I Photograph to Remember

by Pedro Meyer

In 1990,  at a party in Bill Viola’s backyard, I was talking  to a stranger who told me he had just seen something wonderful — a CD-ROM about Beethoven’s Ninth Symphony. He had no idea that I worked at Voyager which had just published it. This led to a discussion and he invited me to visit him at his LA studio. Pedro Meyer had just completed  In addition to showing me his latest work — a series of photographs about the US from the perspective of a Mexican artist — Pedro Meyer also showed me 90 photographs he had taken of his parents in the last three years of their life. It was a beautiful story with unexpected twists and turns and Pedro has a gorgeous voice. As I listened I realized I was experiencing a slideshow and that given the arrival of higher-resolution computer monitors I could imagine “publishing” a photographic story at high enough quality for others to enjoy. Pedro, a brilliant perfectionist worked on this for a year with Voyager programmer, Brock LaPorte. 

We managed to get a slot at the prestigious Seybold Digital World conference in LA where we showed the 30-minute piece in its entirety. For almost everyone in the 500-person audience (the vast majority male executives in suits) this was the very first time they had seen a computer used to convey a story full of pathos and emotion. The effect was stunning as a normally noisy audience was stone-silent for thirty minutes. 

The image below is one of my favorites.

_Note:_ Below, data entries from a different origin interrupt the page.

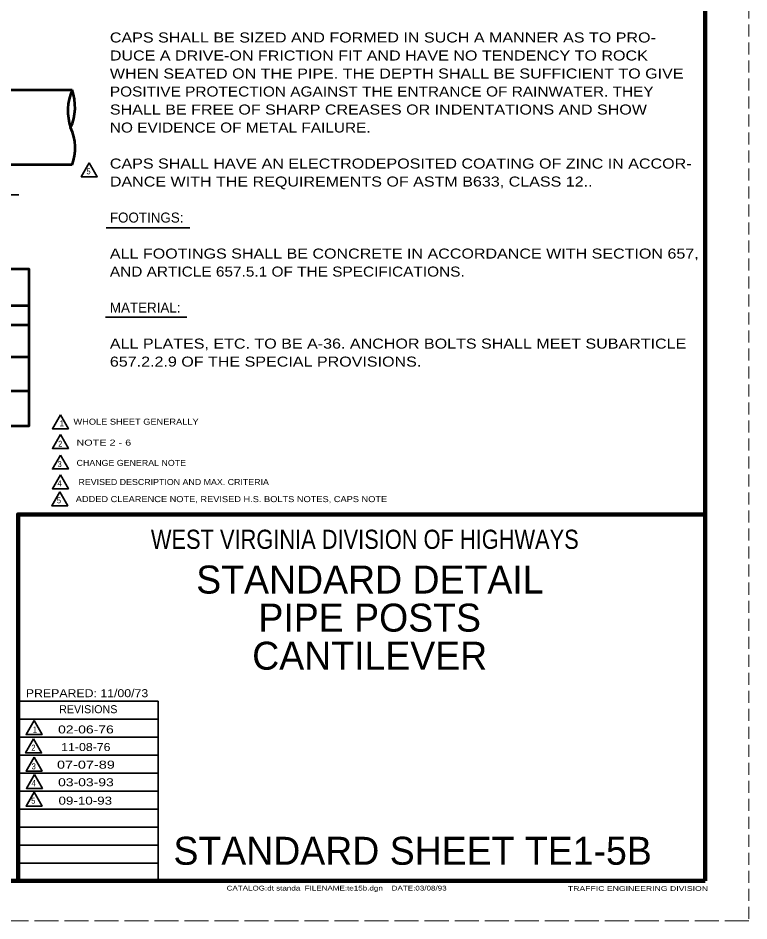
# Model space of a CAD drawing. Extents: x -209 to 471, y -242 to 199.
# Drawn here: x 288.8 to 471.4, y -241.5 to -15.9 of the extents above; entities that cross this region are included whole.
import ezdxf
from ezdxf.enums import TextEntityAlignment as Align

# ---------------------------------------------------------------- set-up
doc = ezdxf.new("R2010")
doc.units = 0
doc.linetypes.add('LONG_DASHED', pattern=[7.5, 6, -1.5])
doc.linetypes.add('MEDIUM_DASHED', pattern=[4.5, 3, -1.5])
doc.layers.add('1', color=7, linetype='Continuous', lineweight=53)
doc.layers.add('61', color=7, linetype='Continuous', lineweight=35)

msp = doc.modelspace()

# ---------------------------------------------------------------- linework, layer by layer
at = {"layer": '1', "linetype": 'MEDIUM_DASHED', "lineweight": 13}
msp.add_line((471.374, 198.515), (471.354, -241.505), dxfattribs=at)
at = {"layer": '1'}
for p, q in [((274.305, -33.803), (302.263, -33.803)), ((302.263, -52.595), (274.305, -52.595)), ((161.937, -87.683), (291.427, -87.683)), ((148.383, -92.583), (291.427, -92.583)), ((148.383, -100.586), (291.427, -100.586)), ((148.383, -109.08), (291.427, -109.08))]:
    msp.add_line(p, q, dxfattribs=at)
at = {"layer": '1', "lineweight": 35}
for p, q in [((310.802, -68.268), (331.693, -68.268)), ((310.637, -90.599), (330.911, -90.599)), ((323.754, -191.085), (288.774, -191.085)), ((323.754, -195.585), (288.774, -195.585)), ((323.754, -200.085), (288.774, -200.085)), ((323.754, -204.605), (288.774, -204.605)), ((323.754, -209.085), (288.774, -209.085)), ((323.754, -213.565), (288.774, -213.565)), ((323.754, -218.065), (288.774, -218.065)), ((323.754, -222.565), (288.774, -222.565)), ((323.754, -227.085), (288.774, -227.085))]:
    msp.add_line(p, q, dxfattribs=at)
for points in [[(273.637, -53.231), (279.159, -60.088), (288.933, -60.088)], [(323.754, -231.565), (323.754, -186.605), (288.774, -186.605)]]:
    msp.add_lwpolyline(points, dxfattribs=at)
for points in [[(306.563, -52.093), (304.563, -55.557), (308.563, -55.557)], [(299.345, -115.043), (297.345, -118.507), (301.345, -118.507)], [(299.345, -119.985), (297.345, -123.449), (301.345, -123.449)], [(299.345, -125.091), (297.345, -128.555), (301.345, -128.555)], [(299.345, -130.033), (297.345, -133.497), (301.345, -133.497)], [(299.167, -134.312), (297.167, -137.776), (301.167, -137.776)], [(292.772, -191.473), (290.772, -194.937), (294.772, -194.937)], [(292.642, -196.054), (290.642, -199.518), (294.642, -199.518)], [(292.768, -200.607), (290.768, -204.071), (294.768, -204.071)], [(292.835, -204.949), (290.835, -208.413), (294.835, -208.413)], [(292.751, -209.369), (290.751, -212.833), (294.751, -212.833)]]:
    msp.add_lwpolyline(points, close=True, dxfattribs=at)
at = {"layer": '1'}
msp.add_lwpolyline([(148.383, -78.587), (291.427, -78.587), (291.427, -117.853), (148.383, -117.853)], close=True, dxfattribs=at)
at = {"layer": '1', "lineweight": 158}
msp.add_lwpolyline([(288.754, -231.525), (288.754, -139.945), (460.414, -139.945)], dxfattribs=at)
at = {"layer": '1'}
for centre, radius, start, end in [((314.683, -39.035), 13.476, 157.15502, 198.32981), ((290.443, -38.079), 12.57, 335.59533, 19.88949), ((291.148, -48.372), 11.891, 339.19717, 25.38978)]:
    msp.add_arc(centre, radius, start, end, dxfattribs=at)
at = {"layer": '61', "lineweight": 158}
for p, q in [((460.394, 188.515), (460.414, -231.525)), ((460.414, -231.525), (-178.646, -231.505))]:
    msp.add_line(p, q, dxfattribs=at)
at = {"layer": '61', "linetype": 'LONG_DASHED', "lineweight": 13}
msp.add_line((471.354, -241.505), (-208.706, -241.525), dxfattribs=at)

# ---------------------------------------------------------------- texts
at = {"layer": '1'}
for s, height, width, p in [('CAPS SHALL BE SIZED AND FORMED IN SUCH A MANNER AS TO PRO-', 2.5, 1.2, (311.706, -21.989)), ('DUCE A DRIVE-ON FRICTION FIT AND HAVE NO TENDENCY TO ROCK', 2.5, 1.2, (311.706, -26.489)), ('WHEN SEATED ON THE PIPE. THE DEPTH SHALL BE SUFFICIENT TO GIVE', 2.5, 1.2, (311.706, -30.989)), ('POSITIVE PROTECTION AGAINST THE ENTRANCE OF RAINWATER. THEY', 2.5, 1.15, (311.706, -35.489)), ('SHALL BE FREE OF SHARP CREASES OR INDENTATIONS AND SHOW', 2.5, 1.2, (311.706, -39.989)), ('NO EVIDENCE OF METAL FAILURE.', 2.5, 1.15, (311.706, -44.489)), ('CAPS SHALL HAVE AN ELECTRODEPOSITED COATING OF ZINC IN ACCOR-', 2.5, 1.2, (311.706, -53.489)), ('DANCE WITH THE REQUIREMENTS OF ASTM B633, CLASS 12..', 2.5, 1.2, (311.706, -57.989)), ('ALL FOOTINGS SHALL BE CONCRETE IN ACCORDANCE WITH SECTION 657,', 2.5, 1.2, (311.706, -75.989)), ('AND ARTICLE 657.5.1 OF THE SPECIFICATIONS.', 2.5, 1.15, (311.706, -80.489)), ('ALL PLATES, ETC. TO BE A-36. ANCHOR BOLTS SHALL MEET SUBARTICLE', 2.5, 1.2, (311.706, -98.489)), ('657.2.2.9 OF THE SPECIAL PROVISIONS.', 2.5, 1.2, (311.706, -102.989)), ('PREPARED: 11/00/73', 1.998, 1.15, (290.714, -185.605)), ('CATALOG:dt standa  FILENAME:te15b.dgn    DATE:03/08/93', 1.2, 1.25, (340.874, -233.925)), ('TRAFFIC ENGINEERING DIVISION', 1.2, 1.35, (426.134, -234.025))]:
    msp.add_text(s, height=height, dxfattribs=dict(at, width=width)).set_placement(p)
for s, height, width, p in [('5', 1.5, 0.9, (306.37, -54.937)), ('WHOLE SHEET GENERALLY', 1.5, 1.15, (318.25, -117.504)), ('2', 1.5, 0.9, (299.301, -123.026)), ('NOTE 2 - 6', 1.5, 1.35, (310.193, -122.728)), ('CHANGE GENERAL NOTE', 1.5, 1.1, (317.057, -127.802)), ('3', 1.5, 0.9, (299.152, -128.101)), ('4', 1.5, 0.95, (299.152, -132.877)), ('REVISED DESCRIPTION AND MAX. CRITERIA', 1.5, 1.1, (327.65, -132.579)), ('ADDED CLEARENCE NOTE, REVISED H.S. BOLTS NOTES, CAPS NOTE', 1.5, 1.15, (342.086, -136.857)), ('5', 1.5, 0.9, (298.974, -137.156)), ('WEST VIRGINIA DIVISION OF HIGHWAYS', 4.795, 0.85, (375.402, -148.545)), ('02-06-76', 2, 1.3, (305.723, -194.665)), ('2', 1.5, 0.9, (292.606, -198.975)), ('11-08-76', 2, 1.15, (305.703, -199.065)), ('3', 1.5, 0.9, (292.673, -203.642)), ('07-07-89', 2, 1.35, (305.723, -203.465)), ('4', 1.5, 0.95, (292.673, -207.843)), ('03-03-93', 2, 1.3, (305.723, -207.865)), ('5', 1.5, 0.9, (292.558, -212.213)), ('09-10-93', 2, 1.25, (305.563, -212.465))]:
    msp.add_text(s, height=height, dxfattribs=dict(at, width=width)).set_placement(p, align=Align.CENTER)
for s, height, p in [('FOOTINGS:', 2.5, (311.706, -66.989)), ('MATERIAL:', 2.5, (311.706, -89.489)), ('REVISIONS', 1.998, (299.034, -189.605)), ('STANDARD SHEET TE1-5B', 6.993, (327.594, -227.485))]:
    msp.add_text(s, height=height, dxfattribs=at).set_placement(p)
for s, height, p in [('1', 1.5, (299.687, -117.952)), ('STANDARD DETAIL', 6.993, (376.671, -159.705)), ('PIPE POSTS', 6.993, (376.624, -169.221)), ('CANTILEVER', 6.993, (376.624, -178.737)), ('1', 1.5, (292.992, -194.442))]:
    msp.add_text(s, height=height, dxfattribs=at).set_placement(p, align=Align.CENTER)

doc.saveas('drawing.dxf')

Pedro’s father had just been diagnosed with cancer. Pedro, who had an uneasy relationship with his father who was not all that keen about his son’s choice to become a photographer, decided to use this moment as a way of healing. Pedro asked his father if he could take a picture and his father said, sure, what do you want me to do. Pedro replied, “Whatever you want to do” and his father said “I want to fly.”